(DATA SUPPLIED)

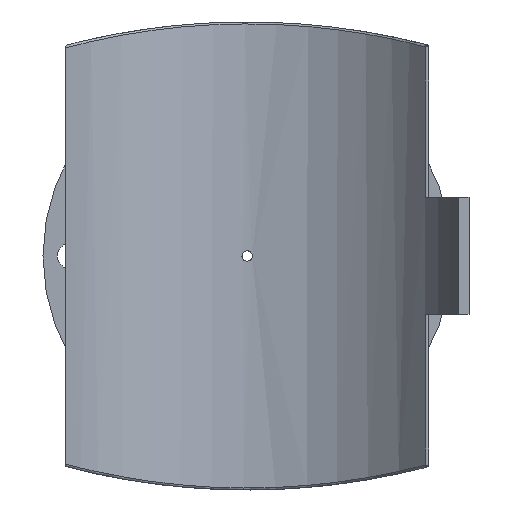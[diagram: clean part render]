
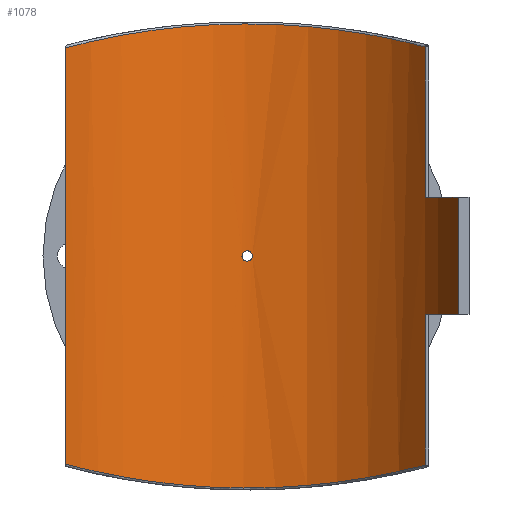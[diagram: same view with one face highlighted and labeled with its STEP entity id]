
A CAD part, front view. The second image highlights one B-rep face of the part: STEP entity #1078.
In plain terms, the highlighted cylindrical face has radius 225 mm (diameter 450 mm), a partial arc.
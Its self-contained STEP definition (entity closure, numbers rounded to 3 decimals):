
#55=FACE_BOUND('',#355,.T.);
#109=B_SPLINE_CURVE_WITH_KNOTS('',3,(#2200,#2201,#2202,#2203,#2204,#2205,
#2206,#2207,#2208,#2209),.UNSPECIFIED.,.F.,.F.,(4,1,1,1,1,1,1,4),(-50.081,
-43.999,-37.918,-31.836,-25.755,
-19.673,-13.592,-7.51),.UNSPECIFIED.);
#110=B_SPLINE_CURVE_WITH_KNOTS('',3,(#2218,#2219,#2220,#2221,#2222,#2223,
#2224,#2225,#2226,#2227),.UNSPECIFIED.,.F.,.F.,(4,1,1,1,1,1,1,4),(-47.161,
-41.079,-34.998,-28.916,-22.835,
-16.753,-10.672,-4.59),.UNSPECIFIED.);
#111=B_SPLINE_CURVE_WITH_KNOTS('',3,(#2230,#2231,#2232,#2233,#2234,#2235,
#2236,#2237,#2238,#2239),.UNSPECIFIED.,.F.,.F.,(4,2,2,2,4),(0.,0.196,
0.392,0.588,0.784),.UNSPECIFIED.);
#112=B_SPLINE_CURVE_WITH_KNOTS('',3,(#2240,#2241,#2242,#2243,#2244,#2245,
#2246,#2247,#2248,#2249,#2250,#2251,#2252,#2253,#2254,#2255,#2256,#2257,
#2258,#2259,#2260,#2261,#2262,#2263,#2264,#2265),.UNSPECIFIED.,.F.,.F.,
(4,2,2,2,2,2,2,2,2,2,2,2,4),(0.784,0.979,1.175,
1.371,1.567,1.763,1.959,2.155,
2.351,2.546,2.742,2.938,3.134),
 .UNSPECIFIED.);
#133=LINE('',#1615,#184);
#144=LINE('',#1899,#195);
#151=LINE('',#2214,#202);
#152=LINE('',#2217,#203);
#184=VECTOR('',#1292,10.);
#195=VECTOR('',#1331,10.);
#202=VECTOR('',#1368,10.);
#203=VECTOR('',#1371,10.);
#244=CYLINDRICAL_SURFACE('',#1175,225.);
#288=FACE_OUTER_BOUND('',#354,.T.);
#354=EDGE_LOOP('',(#839,#840,#841,#842,#843,#844,#845,#846));
#355=EDGE_LOOP('',(#847,#848));
#449=CIRCLE('',#1176,225.);
#450=CIRCLE('',#1177,225.);
#510=VERTEX_POINT('',#1606);
#513=VERTEX_POINT('',#1613);
#533=VERTEX_POINT('',#1892);
#536=VERTEX_POINT('',#1897);
#549=VERTEX_POINT('',#2191);
#550=VERTEX_POINT('',#2211);
#551=VERTEX_POINT('',#2213);
#552=VERTEX_POINT('',#2216);
#553=VERTEX_POINT('',#2228);
#554=VERTEX_POINT('',#2229);
#613=EDGE_CURVE('',#513,#510,#133,.T.);
#643=EDGE_CURVE('',#536,#533,#144,.T.);
#666=EDGE_CURVE('',#549,#536,#109,.T.);
#667=EDGE_CURVE('',#550,#513,#449,.T.);
#668=EDGE_CURVE('',#550,#551,#151,.T.);
#669=EDGE_CURVE('',#533,#551,#450,.T.);
#670=EDGE_CURVE('',#552,#549,#152,.T.);
#671=EDGE_CURVE('',#510,#552,#110,.T.);
#672=EDGE_CURVE('',#553,#554,#111,.T.);
#673=EDGE_CURVE('',#554,#553,#112,.T.);
#839=ORIENTED_EDGE('',*,*,#667,.F.);
#840=ORIENTED_EDGE('',*,*,#668,.T.);
#841=ORIENTED_EDGE('',*,*,#669,.F.);
#842=ORIENTED_EDGE('',*,*,#643,.F.);
#843=ORIENTED_EDGE('',*,*,#666,.F.);
#844=ORIENTED_EDGE('',*,*,#670,.F.);
#845=ORIENTED_EDGE('',*,*,#671,.F.);
#846=ORIENTED_EDGE('',*,*,#613,.F.);
#847=ORIENTED_EDGE('',*,*,#672,.T.);
#848=ORIENTED_EDGE('',*,*,#673,.T.);
#1078=ADVANCED_FACE('',(#288,#55),#244,.F.);
#1175=AXIS2_PLACEMENT_3D('',#2210,#1364,#1365);
#1176=AXIS2_PLACEMENT_3D('',#2212,#1366,#1367);
#1177=AXIS2_PLACEMENT_3D('',#2215,#1369,#1370);
#1292=DIRECTION('',(0.,0.,-1.));
#1331=DIRECTION('',(0.,0.,-1.));
#1364=DIRECTION('center_axis',(0.,0.,1.));
#1365=DIRECTION('ref_axis',(-1.,0.,0.));
#1366=DIRECTION('center_axis',(0.,0.,1.));
#1367=DIRECTION('ref_axis',(-0.944,-0.33,0.));
#1368=DIRECTION('',(0.,0.,1.));
#1369=DIRECTION('center_axis',(0.,0.,-1.));
#1370=DIRECTION('ref_axis',(-0.944,-0.33,0.));
#1371=DIRECTION('',(0.,0.,1.));
#1606=CARTESIAN_POINT('',(178.662,136.766,-209.955));
#1613=CARTESIAN_POINT('',(178.662,136.766,-58.75));
#1615=CARTESIAN_POINT('',(178.662,136.766,0.));
#1892=CARTESIAN_POINT('',(178.662,136.766,58.75));
#1897=CARTESIAN_POINT('',(178.662,136.766,209.955));
#1899=CARTESIAN_POINT('',(178.662,136.766,0.));
#2191=CARTESIAN_POINT('',(-182.25,131.947,209.004));
#2200=CARTESIAN_POINT('Ctrl Pts',(-182.25,131.947,209.004));
#2201=CARTESIAN_POINT('Ctrl Pts',(-170.607,148.029,212.123));
#2202=CARTESIAN_POINT('Ctrl Pts',(-143.098,177.035,218.851));
#2203=CARTESIAN_POINT('Ctrl Pts',(-91.734,208.374,227.744));
#2204=CARTESIAN_POINT('Ctrl Pts',(-33.491,225.233,233.067));
#2205=CARTESIAN_POINT('Ctrl Pts',(27.39,226.061,233.34));
#2206=CARTESIAN_POINT('Ctrl Pts',(86.106,210.765,228.475));
#2207=CARTESIAN_POINT('Ctrl Pts',(138.327,180.79,219.847));
#2208=CARTESIAN_POINT('Ctrl Pts',(166.597,152.526,213.119));
#2209=CARTESIAN_POINT('Ctrl Pts',(178.662,136.766,209.955));
#2210=CARTESIAN_POINT('Origin',(0.,0.,0.));
#2211=CARTESIAN_POINT('',(212.363,74.344,-58.75));
#2212=CARTESIAN_POINT('Origin',(0.,0.,
-58.75));
#2213=CARTESIAN_POINT('',(212.363,74.344,58.75));
#2214=CARTESIAN_POINT('',(212.363,74.344,0.));
#2215=CARTESIAN_POINT('Origin',(0.,0.,
58.75));
#2216=CARTESIAN_POINT('',(-182.25,131.947,-209.004));
#2217=CARTESIAN_POINT('',(-182.25,131.947,0.));
#2218=CARTESIAN_POINT('Ctrl Pts',(178.662,136.766,-209.955));
#2219=CARTESIAN_POINT('Ctrl Pts',(166.597,152.526,-213.119));
#2220=CARTESIAN_POINT('Ctrl Pts',(138.327,180.79,-219.847));
#2221=CARTESIAN_POINT('Ctrl Pts',(86.106,210.765,-228.475));
#2222=CARTESIAN_POINT('Ctrl Pts',(27.39,226.061,-233.34));
#2223=CARTESIAN_POINT('Ctrl Pts',(-33.491,225.233,-233.067));
#2224=CARTESIAN_POINT('Ctrl Pts',(-91.734,208.374,-227.744));
#2225=CARTESIAN_POINT('Ctrl Pts',(-143.098,177.035,-218.851));
#2226=CARTESIAN_POINT('Ctrl Pts',(-170.607,148.029,-212.123));
#2227=CARTESIAN_POINT('Ctrl Pts',(-182.25,131.947,-209.004));
#2228=CARTESIAN_POINT('',(5.2,224.94,0.));
#2229=CARTESIAN_POINT('',(0.,225.,-5.2));
#2230=CARTESIAN_POINT('Ctrl Pts',(5.2,224.94,0.));
#2231=CARTESIAN_POINT('Ctrl Pts',(5.2,224.94,-0.653));
#2232=CARTESIAN_POINT('Ctrl Pts',(5.07,224.943,-1.349));
#2233=CARTESIAN_POINT('Ctrl Pts',(4.539,224.954,-2.631));
#2234=CARTESIAN_POINT('Ctrl Pts',(4.139,224.962,-3.215));
#2235=CARTESIAN_POINT('Ctrl Pts',(3.215,224.977,-4.139));
#2236=CARTESIAN_POINT('Ctrl Pts',(2.631,224.986,-4.539));
#2237=CARTESIAN_POINT('Ctrl Pts',(1.349,224.997,-5.07));
#2238=CARTESIAN_POINT('Ctrl Pts',(0.653,225.,-5.2));
#2239=CARTESIAN_POINT('Ctrl Pts',(0.,225.,-5.2));
#2240=CARTESIAN_POINT('Ctrl Pts',(0.,225.,-5.2));
#2241=CARTESIAN_POINT('Ctrl Pts',(-0.653,225.,-5.2));
#2242=CARTESIAN_POINT('Ctrl Pts',(-1.349,224.997,-5.07));
#2243=CARTESIAN_POINT('Ctrl Pts',(-2.631,224.986,-4.539));
#2244=CARTESIAN_POINT('Ctrl Pts',(-3.215,224.977,-4.139));
#2245=CARTESIAN_POINT('Ctrl Pts',(-4.139,224.962,-3.215));
#2246=CARTESIAN_POINT('Ctrl Pts',(-4.539,224.954,-2.631));
#2247=CARTESIAN_POINT('Ctrl Pts',(-5.07,224.943,-1.349));
#2248=CARTESIAN_POINT('Ctrl Pts',(-5.2,224.94,-0.653));
#2249=CARTESIAN_POINT('Ctrl Pts',(-5.2,224.94,0.653));
#2250=CARTESIAN_POINT('Ctrl Pts',(-5.07,224.943,1.349));
#2251=CARTESIAN_POINT('Ctrl Pts',(-4.539,224.954,2.631));
#2252=CARTESIAN_POINT('Ctrl Pts',(-4.139,224.962,3.215));
#2253=CARTESIAN_POINT('Ctrl Pts',(-3.215,224.977,4.139));
#2254=CARTESIAN_POINT('Ctrl Pts',(-2.631,224.986,4.539));
#2255=CARTESIAN_POINT('Ctrl Pts',(-1.349,224.997,5.07));
#2256=CARTESIAN_POINT('Ctrl Pts',(-0.653,225.,5.2));
#2257=CARTESIAN_POINT('Ctrl Pts',(0.653,225.,5.2));
#2258=CARTESIAN_POINT('Ctrl Pts',(1.349,224.997,5.07));
#2259=CARTESIAN_POINT('Ctrl Pts',(2.631,224.986,4.539));
#2260=CARTESIAN_POINT('Ctrl Pts',(3.215,224.977,4.139));
#2261=CARTESIAN_POINT('Ctrl Pts',(4.139,224.962,3.215));
#2262=CARTESIAN_POINT('Ctrl Pts',(4.539,224.954,2.631));
#2263=CARTESIAN_POINT('Ctrl Pts',(5.07,224.943,1.349));
#2264=CARTESIAN_POINT('Ctrl Pts',(5.2,224.94,0.653));
#2265=CARTESIAN_POINT('Ctrl Pts',(5.2,224.94,0.));

(End DATA SUPPLIED)

YOUR INSTRUCTIONS: In the data above, start at the line that has "0.392,0.588,0.784),.UNSPECIFIED.);", stop after the line that has "#666=EDGE_CURVE('',#549,#536,#109,.T.);", and print every line in between exactly as it stands.

TASK RESPONSE:
0.392,0.588,0.784),.UNSPECIFIED.);
#112=B_SPLINE_CURVE_WITH_KNOTS('',3,(#2240,#2241,#2242,#2243,#2244,#2245,
#2246,#2247,#2248,#2249,#2250,#2251,#2252,#2253,#2254,#2255,#2256,#2257,
#2258,#2259,#2260,#2261,#2262,#2263,#2264,#2265),.UNSPECIFIED.,.F.,.F.,
(4,2,2,2,2,2,2,2,2,2,2,2,4),(0.784,0.979,1.175,
1.371,1.567,1.763,1.959,2.155,
2.351,2.546,2.742,2.938,3.134),
 .UNSPECIFIED.);
#133=LINE('',#1615,#184);
#144=LINE('',#1899,#195);
#151=LINE('',#2214,#202);
#152=LINE('',#2217,#203);
#184=VECTOR('',#1292,10.);
#195=VECTOR('',#1331,10.);
#202=VECTOR('',#1368,10.);
#203=VECTOR('',#1371,10.);
#244=CYLINDRICAL_SURFACE('',#1175,225.);
#288=FACE_OUTER_BOUND('',#354,.T.);
#354=EDGE_LOOP('',(#839,#840,#841,#842,#843,#844,#845,#846));
#355=EDGE_LOOP('',(#847,#848));
#449=CIRCLE('',#1176,225.);
#450=CIRCLE('',#1177,225.);
#510=VERTEX_POINT('',#1606);
#513=VERTEX_POINT('',#1613);
#533=VERTEX_POINT('',#1892);
#536=VERTEX_POINT('',#1897);
#549=VERTEX_POINT('',#2191);
#550=VERTEX_POINT('',#2211);
#551=VERTEX_POINT('',#2213);
#552=VERTEX_POINT('',#2216);
#553=VERTEX_POINT('',#2228);
#554=VERTEX_POINT('',#2229);
#613=EDGE_CURVE('',#513,#510,#133,.T.);
#643=EDGE_CURVE('',#536,#533,#144,.T.);
#666=EDGE_CURVE('',#549,#536,#109,.T.);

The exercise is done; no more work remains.